We believe that the multi-exposure and multi-focus data generation pipelines are both indispensable and, under current constraints, represent the most practical and scalable solutions for constructing a high-quality, diverse video fusion benchmark. Each pipeline is carefully designed to emulate the distinct physical and perceptual characteristics of its respective fusion task. Omitting either step in the pipeline would significantly reduce the benchmark’s scope and realism. Specifically:
- Multi-exposure pipeline: To simulate a wide dynamic range and preserve scene details under varying exposure conditions, we begin with 10-bit HDR video, perform exposure adjustment in the linear light domain, and apply realistic tone compression and gamut conversion. Simpler alternatives—such as capturing multi-exposure video sequentially with a single camera, or simultaneously with two cameras using different exposure settings—are either labor-intensive (requiring custom hardware and careful synchronization) or suffer from misalignment issues that are difficult to correct, particularly in dynamic scenes.
- Multi-focus pipeline: As discussed in Lines 159–164 of our paper, capturing multi-focus video using light field cameras or manually labeled focal planes is expensive and difficult to scale up. Naively applying foreground/background segmentation with artificial blur fails to reflect the physics of optical focus. Instead, we use depth-aware defocus simulation based on estimated depth maps, enabling realistic and scalable synthesis of focus transitions between foreground and background.
In summary, we agree that future work could explore a more unified or hybrid generation process that simultaneously models both exposure and focus variations. However, to establish clean task boundaries and ensure interpretability in our initial benchmark, we find that the current pipelines offer the best trade-off between realism, scalability, and clarity.
Thank you for responding to my questions. I have carefully read your replies, and my previous concerns have been addressed. The manuscript has become much more readable after the clarifications and the correction of several issues. Furthermore, the additional comparisons with diverse baselines have strengthened the work.
Based on your responses, I have decided to raise my rating to 5. I hope the authors will incorporate the important revisions into the update version of the manuscript.
Dear Reviewers,
Thank you for your reviews and engagement. The authors have submitted rebuttals addressing your points.
Please discuss any remaining questions or concerns with each other and the authors. Consider whether the responses address your original concerns and if rating updates are warranted.
Final justifications and ratings are due by August 13. Please complete your mandatory acknowledgments if you haven't already.
The discussion period continues until August 6. Please share your perspectives to facilitate productive dialogue.
Best regards, Area Chair
This paper introduces a unified video fusion framework using multi-frame learning and optical flow-based warping and VF-Bench, which is the first comprehensive benchmark for four fusion tasks.
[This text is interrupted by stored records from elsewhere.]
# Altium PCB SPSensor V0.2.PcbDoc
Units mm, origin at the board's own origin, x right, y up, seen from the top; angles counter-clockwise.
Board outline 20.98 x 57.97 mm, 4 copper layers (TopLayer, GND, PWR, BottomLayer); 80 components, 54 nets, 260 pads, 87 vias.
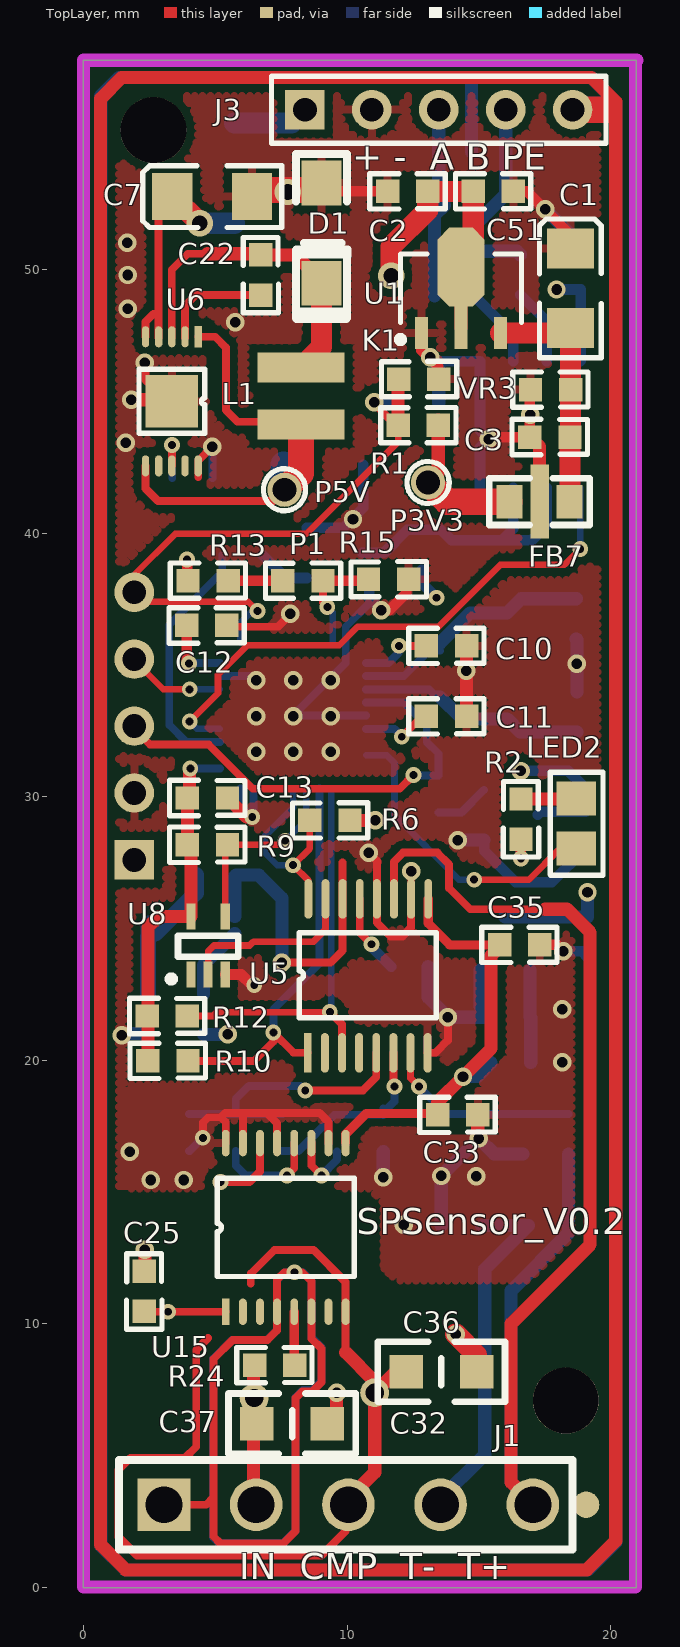
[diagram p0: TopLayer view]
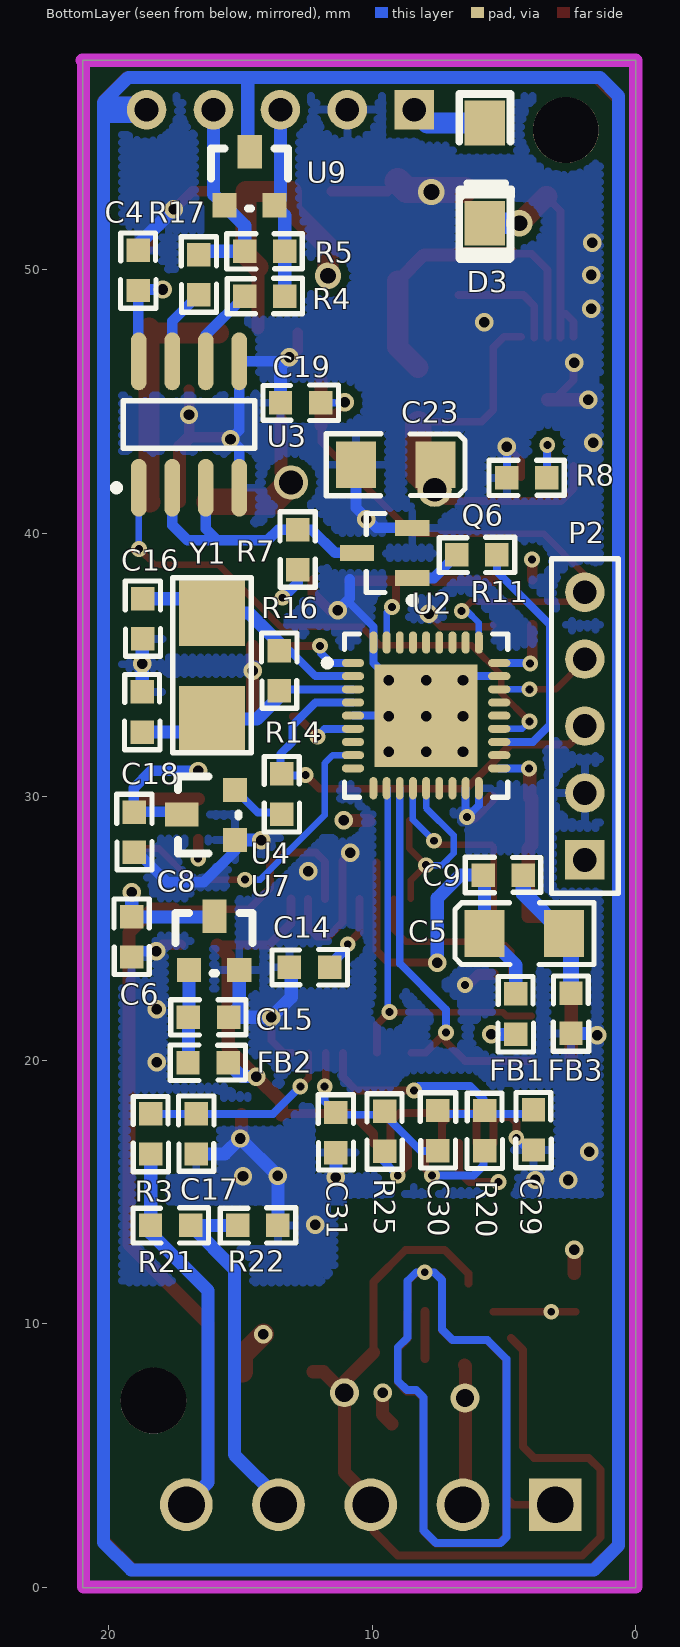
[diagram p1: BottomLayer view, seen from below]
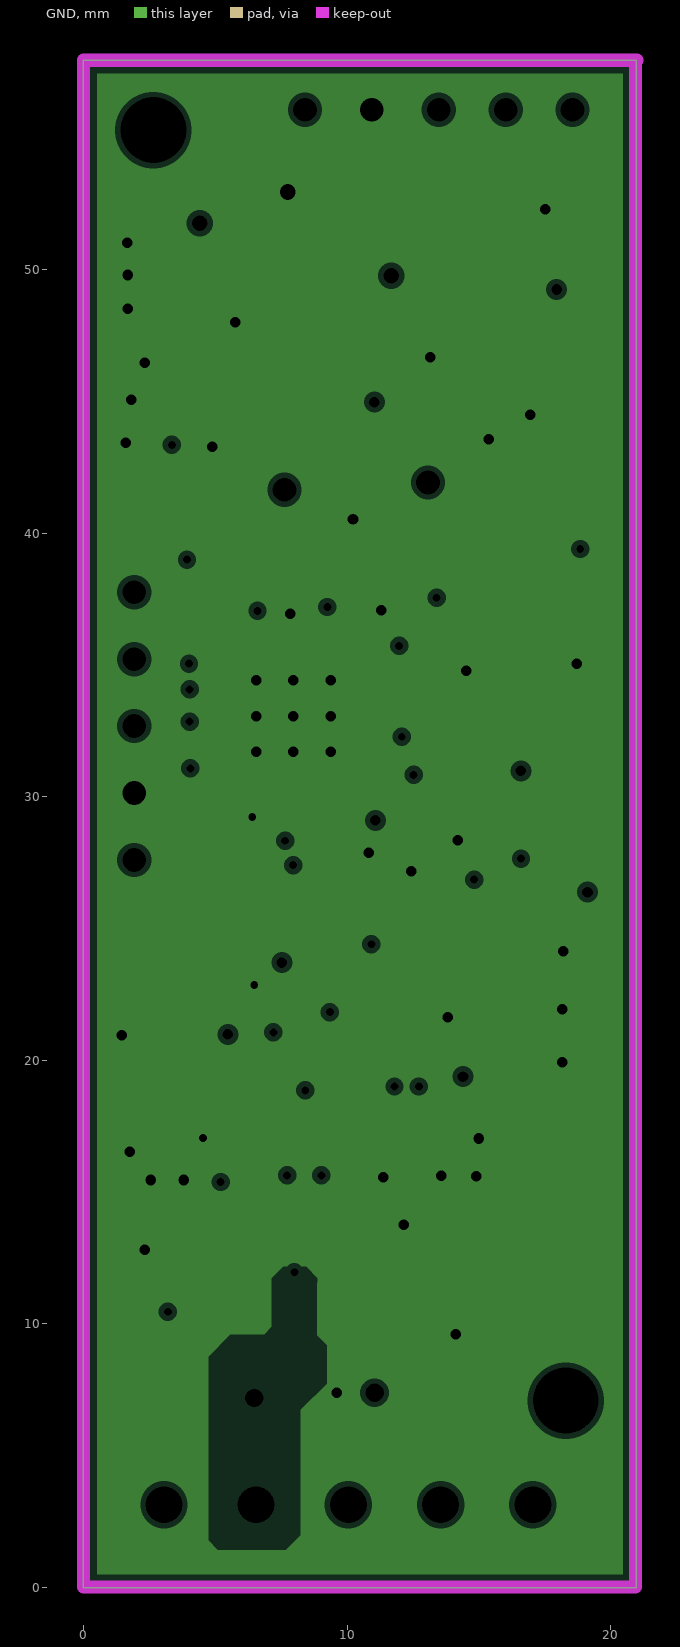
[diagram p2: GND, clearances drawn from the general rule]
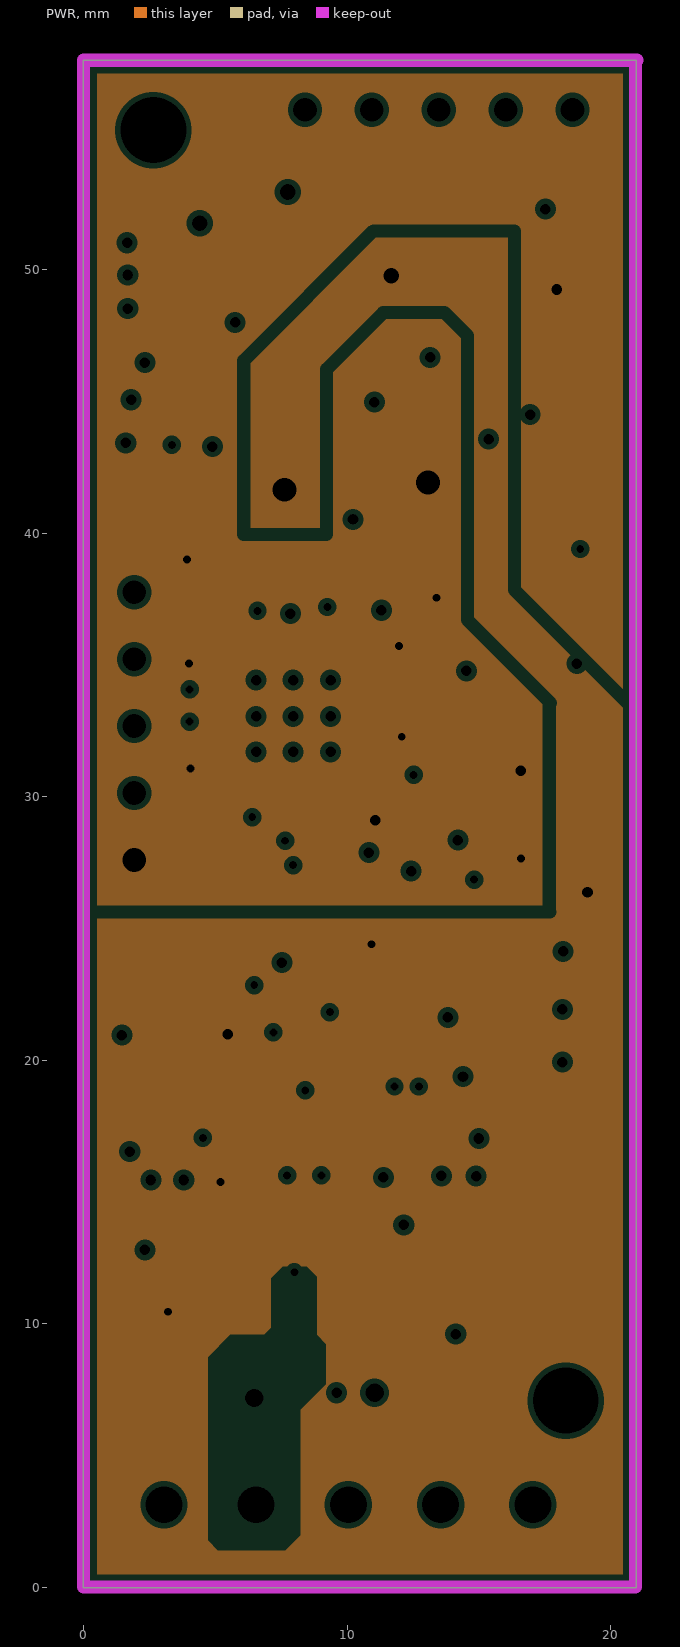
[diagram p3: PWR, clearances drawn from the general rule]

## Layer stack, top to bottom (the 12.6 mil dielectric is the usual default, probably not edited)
TopLayer: signal copper 0.0356
Dielectric: core 0.32, FR-4, Dk 4.8
GND: plane copper 0.0356, net GND
Dielectric: prepreg 0.32, FR-4, Dk 4.8
PWR: plane copper 0.0356, net (Multiple Nets)
Dielectric: core 0.32, FR-4, Dk 4.8
BottomLayer: signal copper 0.0356

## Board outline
-0.006,-0.025 20.975,-0.025 20.975,57.95 -0.006,57.95

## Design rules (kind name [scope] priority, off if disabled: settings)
Clearance Clearance_poly [InPolygon] p1: gap=0.3
Clearance [All] p2: gap=0.15
ComponentClearance [All] p1: gap=0.15 collisioncheckmode=3 verticalgap=0.254 showdistances=FALSE
FabricationTestPointUsage TestPointUsage [All] p1: valid=0 allowmultiple=FALSE
FabricationTestpoint Testpoint [All] p1: side=3 testpointundercomponent=TRUE minsize=1.016 maxsize=2.54 preferedsize=1.524 minholesize=0.508 maxholesize=1.016 preferedholesize=0.813 testpointgrid=0.025 allowsidetop=TRUE allowsidebottom=TRUE usegrid=TRUE gridtolerance=0
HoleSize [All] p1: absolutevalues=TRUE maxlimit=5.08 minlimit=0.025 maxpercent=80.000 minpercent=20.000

All four reviewers strongly support acceptance, with two raising scores after the rebuttal.
Key strengths include the valuable benchmark contribution addressing a critical research gap, a technically sound framework achieving state-of-the-art results, and novel temporal consistency metrics. Initial concerns regarding technical details, missing baselines, and computational complexity were thoroughly resolved through comprehensive experiments and clarifications provided in the rebuttal.
As one reviewer summarized: "This is a very promising paper with a practical goal: designing a single model to solve various video fusion problems. The paper is ambitious and brings value via a large-scale benchmark and a clean video fusion framework, combined with newly proposed loss functions and evaluation protocols tailored for video fusion."
The AC and SAC therefore recommend accepting the paper.